What is required - Give back the records that follow exactly, images excluded.

● ● ● ● ● ● ●

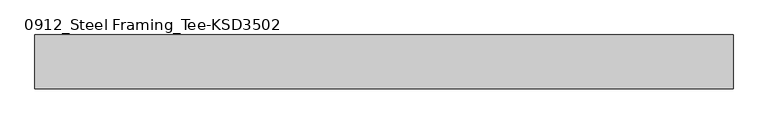
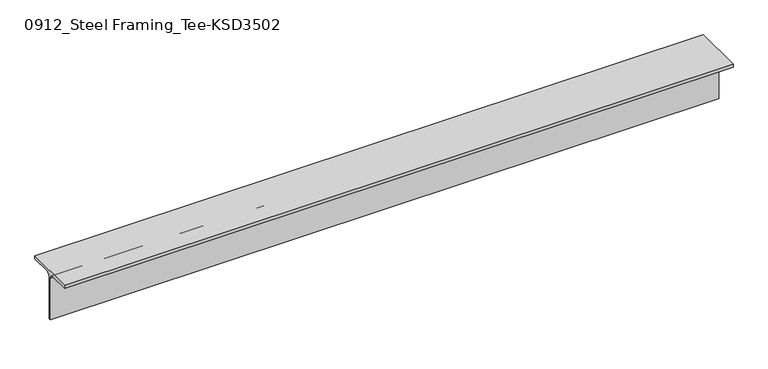
"""IFC4 building model written with IfcOpenShell, lengths in millimetres: member geometry, 0912_Steel Framing_Tee-KSD3502 : H_SB_ASB_CT-150x150x6.5x9."""

from ifc_helpers import new_model, si_unit, point, frame, frame_2d, origin, place, context, project, spatial, polyline, circle_curve, trimmed, segment, composite_curve, outline, extrude, source, transform, mapped, element, save


def member_0912_steel_framing_tee_ksd3502_8de85743(model_context):
    return source(origin(), model_context, "Body", "SweptSolid", [
        extrude(outline(composite_curve([segment(polyline([(75.0, 75.0), (75.0, 66.0), (16.25, 66.0)]), True, "CONTINUOUS"), segment(trimmed(circle_curve(frame_2d((16.25, 53.0)), 13.0), [point((16.25, 66.0))], [point((3.25, 53.0))], True, "CARTESIAN"), True, "CONTINUOUS"), segment(polyline([(3.25, 53.0), (3.25, -75.0), (-3.25, -75.0), (-3.25, 53.0)]), True, "CONTINUOUS"), segment(trimmed(circle_curve(frame_2d((-16.25, 53.0)), 13.0), [point((-3.25, 53.0))], [point((-16.25, 66.0))], True, "CARTESIAN"), True, "CONTINUOUS"), segment(polyline([(-16.25, 66.0), (-75.0, 66.0), (-75.0, 75.0), (75.0, 75.0)]), True, "CONTINUOUS")], self_intersect=False)), frame((-983.95, 0.0, 0.0), z_axis=(1.0, 0.0, 0.0), x_axis=(0.0, 1.0, 0.0)), (0.0, 0.0, 1.0), 1951.2),
    ])


if __name__ == "__main__":
    model = new_model("IFC4")
    model_context = context("Model", 3, world=origin())
    ifc_project = project(units=[si_unit("LENGTHUNIT", "METRE", prefix="MILLI")], contexts=[model_context])
    site = spatial("IfcSite", under=ifc_project)
    building = spatial("IfcBuilding", under=site)
    placement = place(None, origin())
    member_0912_steel_framing_tee_ksd3502_shape = member_0912_steel_framing_tee_ksd3502_8de85743(model_context)
    element("IfcMember", 1, ObjectType="0912_Steel Framing_Tee-KSD3502 : H_SB_ASB_CT-150x150x6.5x9", at=placement, inside=building, context=model_context, shape_type="MappedRepresentation", body=[
        mapped(member_0912_steel_framing_tee_ksd3502_shape, transform((0.0, 0.0, 0.0), x_axis=(1.0, 0.0, 0.0), y_axis=(0.0, 1.0, 0.0), z_axis=(0.0, 0.0, 1.0))),
    ])
    save(model, "model.ifc")

# Revit data of these elements
# Type "0912_Steel Framing_Tee-KSD3502 : H_SB_ASB_CT-150x150x6.5x9"
#   H_WM Code_1 = "S01AA003-00001 | Main Steel Structure Fabrication Work | Shelter/Building | Light Steel - Standard (30KG/M>Weight) | Material: (   )"
#   H_WM Code_2 = "S03AA029-00001 | Main Steel Structure Erection Work | Shelter/Building | Light Steel (30KG/M>Weight) | Material: (   )"
#   H_WM Code_3 = "S01AA010-00001 | Main Steel Structure Fabrication Work | Shelter/Building | Steel Painting/Coating | for Non-Fireproofed Steel Surface, Surface Preparation, Primer, Second & Final Coat | Material: (   )"
#   H_Q'ty Cal Type Tag = "SB-Q2"
#   Width = 15.0 cm
#   Web Thickness = 0.65 cm
#   Web Fillet = 1.3 cm
#   Section Area = 23.39 cm²
#   Perimeter = 0.60 m²/m
#   Nominal Weight = 18.40 kgf/m
#   Height = 15.0 cm
#   Flange Thickness = 0.9 cm
#   Centroid Vertical = 7.5 cm
#   Centroid Horizontal = 7.5 cm
#   Length [instance default] = 1.5000 m
#   Structural Material [instance default] = Steel, 45-345
#   Warping Constant = (empty or 0)
#   Torsional Moment of Inertia = 0
#   Section Name Key = ""
#   Plastic Modulus weak axis = 0
#   Plastic Modulus strong axis = 0
#   Moment of Inertia weak axis = 0
#   Moment of Inertia strong axis = 0
#   Elastic Modulus weak axis = 0
#   Elastic Modulus strong axis = 0
#   Bolt Spacing = 0
#   Assembly Code = ""
# Element 1 (IfcMember, "0912_Steel Framing_Tee-KSD3502 : H_SB_ASB_CT-150x150x6.5x9")
#   Structural Material = none
# Materials
#   "Steel, 45-345": class "Metal", colour RGB 189 187 185, transparency 0, Description = "Steel 345 MPa", Cost = 0

● ● ● ● ● ● ●

Expected answer -
"""IFC4 building model written with IfcOpenShell, lengths in millimetres: member geometry, 0912_Steel Framing_Tee-KSD3502 : H_SB_ASB_CT-150x150x6.5x9."""

from ifc_helpers import new_model, si_unit, point, frame, frame_2d, origin, place, context, project, spatial, polyline, circle_curve, trimmed, segment, composite_curve, outline, extrude, source, transform, mapped, element, save


def member_0912_steel_framing_tee_ksd3502_8de85743(model_context):
    return source(origin(), model_context, "Body", "SweptSolid", [
        extrude(outline(composite_curve([segment(polyline([(75.0, 75.0), (75.0, 66.0), (16.25, 66.0)]), True, "CONTINUOUS"), segment(trimmed(circle_curve(frame_2d((16.25, 53.0)), 13.0), [point((16.25, 66.0))], [point((3.25, 53.0))], True, "CARTESIAN"), True, "CONTINUOUS"), segment(polyline([(3.25, 53.0), (3.25, -75.0), (-3.25, -75.0), (-3.25, 53.0)]), True, "CONTINUOUS"), segment(trimmed(circle_curve(frame_2d((-16.25, 53.0)), 13.0), [point((-3.25, 53.0))], [point((-16.25, 66.0))], True, "CARTESIAN"), True, "CONTINUOUS"), segment(polyline([(-16.25, 66.0), (-75.0, 66.0), (-75.0, 75.0), (75.0, 75.0)]), True, "CONTINUOUS")], self_intersect=False)), frame((-983.95, 0.0, 0.0), z_axis=(1.0, 0.0, 0.0), x_axis=(0.0, 1.0, 0.0)), (0.0, 0.0, 1.0), 1951.2),
    ])


if __name__ == "__main__":
    model = new_model("IFC4")
    model_context = context("Model", 3, world=origin())
    ifc_project = project(units=[si_unit("LENGTHUNIT", "METRE", prefix="MILLI")], contexts=[model_context])
    site = spatial("IfcSite", under=ifc_project)
    building = spatial("IfcBuilding", under=site)
    placement = place(None, origin())
    member_0912_steel_framing_tee_ksd3502_shape = member_0912_steel_framing_tee_ksd3502_8de85743(model_context)
    element("IfcMember", 1, ObjectType="0912_Steel Framing_Tee-KSD3502 : H_SB_ASB_CT-150x150x6.5x9", at=placement, inside=building, context=model_context, shape_type="MappedRepresentation", body=[
        mapped(member_0912_steel_framing_tee_ksd3502_shape, transform((0.0, 0.0, 0.0), x_axis=(1.0, 0.0, 0.0), y_axis=(0.0, 1.0, 0.0), z_axis=(0.0, 0.0, 1.0))),
    ])
    save(model, "model.ifc")

# Revit data of these elements
# Type "0912_Steel Framing_Tee-KSD3502 : H_SB_ASB_CT-150x150x6.5x9"
#   H_WM Code_1 = "S01AA003-00001 | Main Steel Structure Fabrication Work | Shelter/Building | Light Steel - Standard (30KG/M>Weight) | Material: (   )"
#   H_WM Code_2 = "S03AA029-00001 | Main Steel Structure Erection Work | Shelter/Building | Light Steel (30KG/M>Weight) | Material: (   )"
#   H_WM Code_3 = "S01AA010-00001 | Main Steel Structure Fabrication Work | Shelter/Building | Steel Painting/Coating | for Non-Fireproofed Steel Surface, Surface Preparation, Primer, Second & Final Coat | Material: (   )"
#   H_Q'ty Cal Type Tag = "SB-Q2"
#   Width = 15.0 cm
#   Web Thickness = 0.65 cm
#   Web Fillet = 1.3 cm
#   Section Area = 23.39 cm²
#   Perimeter = 0.60 m²/m
#   Nominal Weight = 18.40 kgf/m
#   Height = 15.0 cm
#   Flange Thickness = 0.9 cm
#   Centroid Vertical = 7.5 cm
#   Centroid Horizontal = 7.5 cm
#   Length [instance default] = 1.5000 m
#   Structural Material [instance default] = Steel, 45-345
#   Warping Constant = (empty or 0)
#   Torsional Moment of Inertia = 0
#   Section Name Key = ""
#   Plastic Modulus weak axis = 0
#   Plastic Modulus strong axis = 0
#   Moment of Inertia weak axis = 0
#   Moment of Inertia strong axis = 0
#   Elastic Modulus weak axis = 0
#   Elastic Modulus strong axis = 0
#   Bolt Spacing = 0
#   Assembly Code = ""
# Element 1 (IfcMember, "0912_Steel Framing_Tee-KSD3502 : H_SB_ASB_CT-150x150x6.5x9")
#   Structural Material = none
# Materials
#   "Steel, 45-345": class "Metal", colour RGB 189 187 185, transparency 0, Description = "Steel 345 MPa", Cost = 0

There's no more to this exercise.